* _Assignment_
After finding the line with "#5853=CARTESIAN_POINT('',(-37.08,-10.,-25.08));" in the entries below, retype exactly each line from there through the line with "#5930=CARTESIAN_POINT('',(-12.,-25.456,9.));", including that final line.

(Items from a data source)
Start of Block

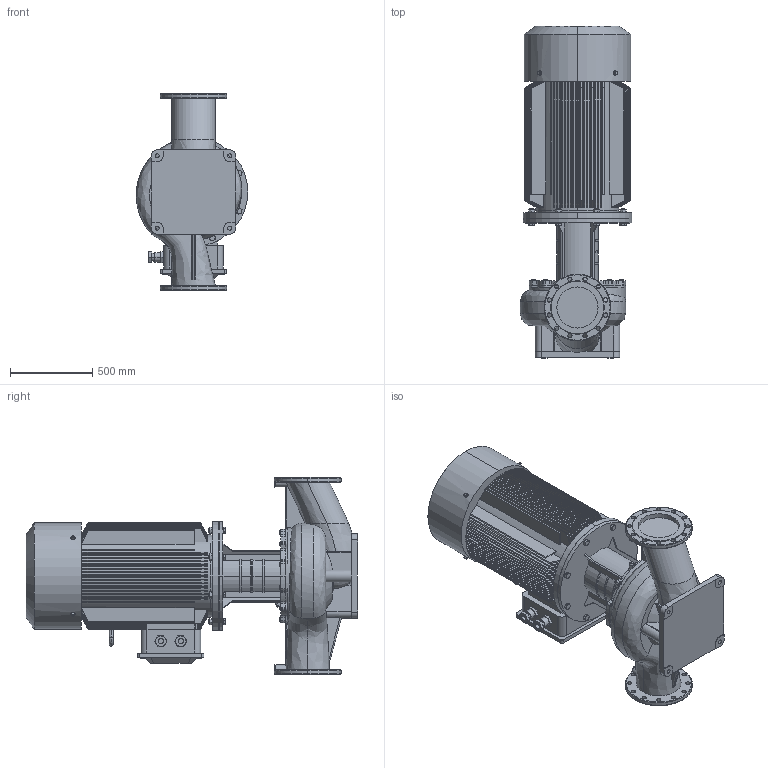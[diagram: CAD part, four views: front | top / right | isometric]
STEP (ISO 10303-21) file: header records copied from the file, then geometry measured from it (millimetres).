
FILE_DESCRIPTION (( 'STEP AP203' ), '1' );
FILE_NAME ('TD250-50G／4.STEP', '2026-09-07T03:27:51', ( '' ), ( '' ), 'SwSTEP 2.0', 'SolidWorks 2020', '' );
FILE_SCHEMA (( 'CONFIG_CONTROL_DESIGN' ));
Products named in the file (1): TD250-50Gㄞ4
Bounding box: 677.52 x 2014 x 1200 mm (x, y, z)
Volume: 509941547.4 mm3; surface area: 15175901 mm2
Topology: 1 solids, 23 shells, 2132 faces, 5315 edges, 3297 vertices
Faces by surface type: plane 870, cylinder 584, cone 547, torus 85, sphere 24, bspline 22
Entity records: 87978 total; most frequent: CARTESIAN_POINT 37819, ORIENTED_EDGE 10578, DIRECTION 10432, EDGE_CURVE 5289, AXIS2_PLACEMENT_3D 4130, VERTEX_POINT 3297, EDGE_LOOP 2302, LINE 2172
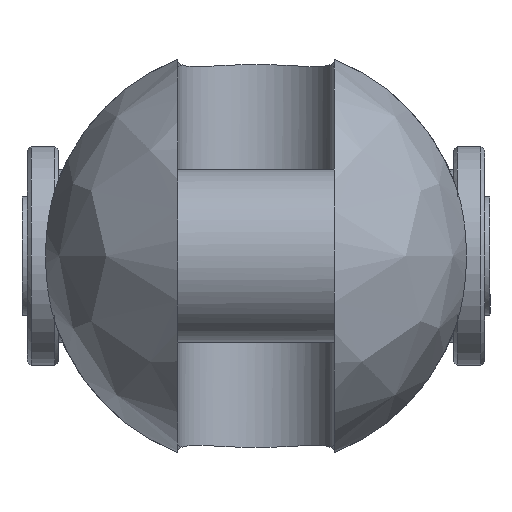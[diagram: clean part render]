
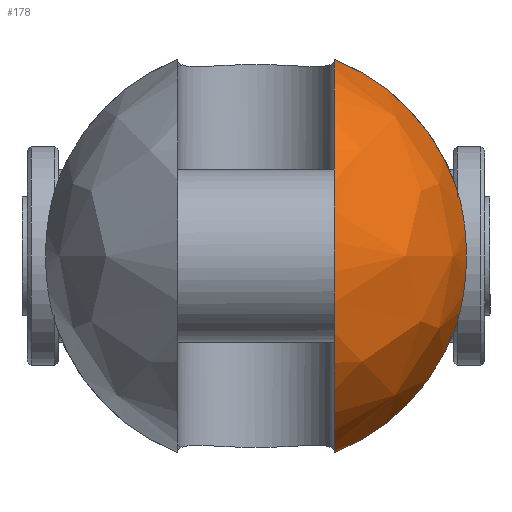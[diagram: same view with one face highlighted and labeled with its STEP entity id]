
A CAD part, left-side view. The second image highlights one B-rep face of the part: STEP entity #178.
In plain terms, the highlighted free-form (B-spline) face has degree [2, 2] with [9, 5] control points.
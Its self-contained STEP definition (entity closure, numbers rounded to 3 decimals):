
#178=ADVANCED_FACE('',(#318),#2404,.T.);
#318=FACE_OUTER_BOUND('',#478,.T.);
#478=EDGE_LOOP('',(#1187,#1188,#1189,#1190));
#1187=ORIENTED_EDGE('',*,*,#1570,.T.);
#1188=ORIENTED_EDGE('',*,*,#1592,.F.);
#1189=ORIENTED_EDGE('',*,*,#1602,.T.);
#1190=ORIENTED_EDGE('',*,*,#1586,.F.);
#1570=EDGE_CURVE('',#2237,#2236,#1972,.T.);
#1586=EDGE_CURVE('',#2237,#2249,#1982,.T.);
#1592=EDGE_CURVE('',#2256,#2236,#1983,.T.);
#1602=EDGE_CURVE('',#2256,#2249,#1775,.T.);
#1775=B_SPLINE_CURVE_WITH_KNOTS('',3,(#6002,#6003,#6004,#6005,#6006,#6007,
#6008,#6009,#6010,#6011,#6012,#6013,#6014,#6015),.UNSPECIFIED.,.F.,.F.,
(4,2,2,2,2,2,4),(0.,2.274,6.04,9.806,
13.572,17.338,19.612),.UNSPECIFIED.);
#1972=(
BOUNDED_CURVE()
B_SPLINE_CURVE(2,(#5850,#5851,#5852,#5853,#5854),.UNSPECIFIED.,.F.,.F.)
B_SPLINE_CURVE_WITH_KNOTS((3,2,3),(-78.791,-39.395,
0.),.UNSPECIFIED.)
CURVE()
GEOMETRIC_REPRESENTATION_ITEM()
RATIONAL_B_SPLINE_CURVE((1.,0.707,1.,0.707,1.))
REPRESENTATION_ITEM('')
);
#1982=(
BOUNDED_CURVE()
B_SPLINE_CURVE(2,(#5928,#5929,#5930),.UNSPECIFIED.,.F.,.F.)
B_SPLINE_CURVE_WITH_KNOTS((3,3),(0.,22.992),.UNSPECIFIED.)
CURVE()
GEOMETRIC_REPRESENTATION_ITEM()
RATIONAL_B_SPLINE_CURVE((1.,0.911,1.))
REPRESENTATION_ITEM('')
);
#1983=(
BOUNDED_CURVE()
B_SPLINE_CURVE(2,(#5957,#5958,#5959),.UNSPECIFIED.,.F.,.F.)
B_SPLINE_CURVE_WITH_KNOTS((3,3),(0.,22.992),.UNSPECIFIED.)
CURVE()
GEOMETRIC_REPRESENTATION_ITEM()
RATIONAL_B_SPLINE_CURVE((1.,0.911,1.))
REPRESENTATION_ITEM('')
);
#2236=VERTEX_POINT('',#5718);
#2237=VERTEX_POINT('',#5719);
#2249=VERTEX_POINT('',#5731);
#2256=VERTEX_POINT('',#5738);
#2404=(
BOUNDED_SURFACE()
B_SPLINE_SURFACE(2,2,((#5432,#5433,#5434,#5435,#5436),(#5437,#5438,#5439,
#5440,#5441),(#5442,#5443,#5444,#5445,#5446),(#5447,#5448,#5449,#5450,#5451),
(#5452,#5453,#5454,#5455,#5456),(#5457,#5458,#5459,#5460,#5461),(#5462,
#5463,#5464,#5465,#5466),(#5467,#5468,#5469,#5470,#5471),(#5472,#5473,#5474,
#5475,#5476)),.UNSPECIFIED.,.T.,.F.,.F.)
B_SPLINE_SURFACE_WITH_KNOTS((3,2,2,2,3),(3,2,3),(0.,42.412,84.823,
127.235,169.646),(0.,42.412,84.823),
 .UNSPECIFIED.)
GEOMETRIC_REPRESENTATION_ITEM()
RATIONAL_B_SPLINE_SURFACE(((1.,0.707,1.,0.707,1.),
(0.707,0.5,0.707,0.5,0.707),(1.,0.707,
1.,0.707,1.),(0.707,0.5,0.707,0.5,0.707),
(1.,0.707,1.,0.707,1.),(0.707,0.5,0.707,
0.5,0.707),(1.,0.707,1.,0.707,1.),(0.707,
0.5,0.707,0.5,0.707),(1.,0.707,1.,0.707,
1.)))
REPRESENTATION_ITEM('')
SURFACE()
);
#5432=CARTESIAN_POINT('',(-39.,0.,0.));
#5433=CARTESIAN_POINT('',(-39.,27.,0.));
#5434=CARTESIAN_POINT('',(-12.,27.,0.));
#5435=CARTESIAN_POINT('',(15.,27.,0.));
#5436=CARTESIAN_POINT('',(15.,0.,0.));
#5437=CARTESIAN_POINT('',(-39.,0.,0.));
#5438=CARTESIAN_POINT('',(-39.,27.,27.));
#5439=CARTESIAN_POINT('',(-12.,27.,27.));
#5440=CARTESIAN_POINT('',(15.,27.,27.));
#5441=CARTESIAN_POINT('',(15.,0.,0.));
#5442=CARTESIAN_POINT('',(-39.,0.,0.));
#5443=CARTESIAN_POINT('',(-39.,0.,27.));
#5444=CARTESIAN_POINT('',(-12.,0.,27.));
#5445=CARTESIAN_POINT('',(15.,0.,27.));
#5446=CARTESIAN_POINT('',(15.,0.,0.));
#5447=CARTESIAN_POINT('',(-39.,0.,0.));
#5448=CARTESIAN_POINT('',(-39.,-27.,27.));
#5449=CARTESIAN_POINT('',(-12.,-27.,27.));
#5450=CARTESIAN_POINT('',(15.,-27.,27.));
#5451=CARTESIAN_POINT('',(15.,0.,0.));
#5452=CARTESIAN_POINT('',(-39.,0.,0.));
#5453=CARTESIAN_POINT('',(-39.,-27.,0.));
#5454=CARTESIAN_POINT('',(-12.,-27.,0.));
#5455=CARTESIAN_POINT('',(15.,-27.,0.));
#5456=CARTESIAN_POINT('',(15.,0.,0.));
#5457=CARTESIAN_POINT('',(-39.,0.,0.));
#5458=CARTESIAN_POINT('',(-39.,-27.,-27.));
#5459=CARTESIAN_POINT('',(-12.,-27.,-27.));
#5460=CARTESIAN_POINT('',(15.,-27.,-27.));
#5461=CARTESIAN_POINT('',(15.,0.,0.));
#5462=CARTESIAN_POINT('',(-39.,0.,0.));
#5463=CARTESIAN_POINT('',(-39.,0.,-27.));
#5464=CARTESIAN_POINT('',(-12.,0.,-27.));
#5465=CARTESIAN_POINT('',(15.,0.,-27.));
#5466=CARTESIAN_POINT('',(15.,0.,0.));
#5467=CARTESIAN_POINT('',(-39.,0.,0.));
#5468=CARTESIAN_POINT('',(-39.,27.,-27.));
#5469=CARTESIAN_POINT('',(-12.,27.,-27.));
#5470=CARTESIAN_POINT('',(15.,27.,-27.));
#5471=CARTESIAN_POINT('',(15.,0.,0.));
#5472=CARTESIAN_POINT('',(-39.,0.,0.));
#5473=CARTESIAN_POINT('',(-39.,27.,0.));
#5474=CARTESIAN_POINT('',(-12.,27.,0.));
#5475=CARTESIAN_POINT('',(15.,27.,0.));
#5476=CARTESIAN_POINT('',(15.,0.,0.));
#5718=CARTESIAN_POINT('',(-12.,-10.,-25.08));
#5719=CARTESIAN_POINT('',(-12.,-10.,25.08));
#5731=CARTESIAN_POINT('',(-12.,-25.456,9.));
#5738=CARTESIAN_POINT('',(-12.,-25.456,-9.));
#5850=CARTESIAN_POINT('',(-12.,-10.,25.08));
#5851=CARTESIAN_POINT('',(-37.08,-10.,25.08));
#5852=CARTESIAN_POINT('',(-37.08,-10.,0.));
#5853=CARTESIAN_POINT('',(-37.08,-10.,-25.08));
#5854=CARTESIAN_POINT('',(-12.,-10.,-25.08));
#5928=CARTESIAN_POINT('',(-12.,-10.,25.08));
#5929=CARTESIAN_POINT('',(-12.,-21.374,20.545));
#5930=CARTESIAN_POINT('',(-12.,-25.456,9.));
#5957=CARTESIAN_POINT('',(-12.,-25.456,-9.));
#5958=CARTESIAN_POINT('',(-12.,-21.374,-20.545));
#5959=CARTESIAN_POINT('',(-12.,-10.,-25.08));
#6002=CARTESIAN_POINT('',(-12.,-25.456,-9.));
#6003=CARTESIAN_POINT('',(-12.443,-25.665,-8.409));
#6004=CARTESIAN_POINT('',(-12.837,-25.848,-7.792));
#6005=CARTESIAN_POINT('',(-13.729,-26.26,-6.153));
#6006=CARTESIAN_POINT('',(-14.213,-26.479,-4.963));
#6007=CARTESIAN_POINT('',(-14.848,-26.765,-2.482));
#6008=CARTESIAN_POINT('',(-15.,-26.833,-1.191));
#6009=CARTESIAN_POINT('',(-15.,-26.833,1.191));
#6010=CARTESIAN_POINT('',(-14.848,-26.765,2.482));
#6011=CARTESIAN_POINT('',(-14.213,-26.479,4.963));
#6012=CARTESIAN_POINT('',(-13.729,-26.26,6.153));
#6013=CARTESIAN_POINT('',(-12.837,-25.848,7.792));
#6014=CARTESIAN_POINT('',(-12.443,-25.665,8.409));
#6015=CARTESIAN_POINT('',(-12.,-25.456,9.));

End of Block

* _Completed task_
#5853=CARTESIAN_POINT('',(-37.08,-10.,-25.08));
#5854=CARTESIAN_POINT('',(-12.,-10.,-25.08));
#5928=CARTESIAN_POINT('',(-12.,-10.,25.08));
#5929=CARTESIAN_POINT('',(-12.,-21.374,20.545));
#5930=CARTESIAN_POINT('',(-12.,-25.456,9.));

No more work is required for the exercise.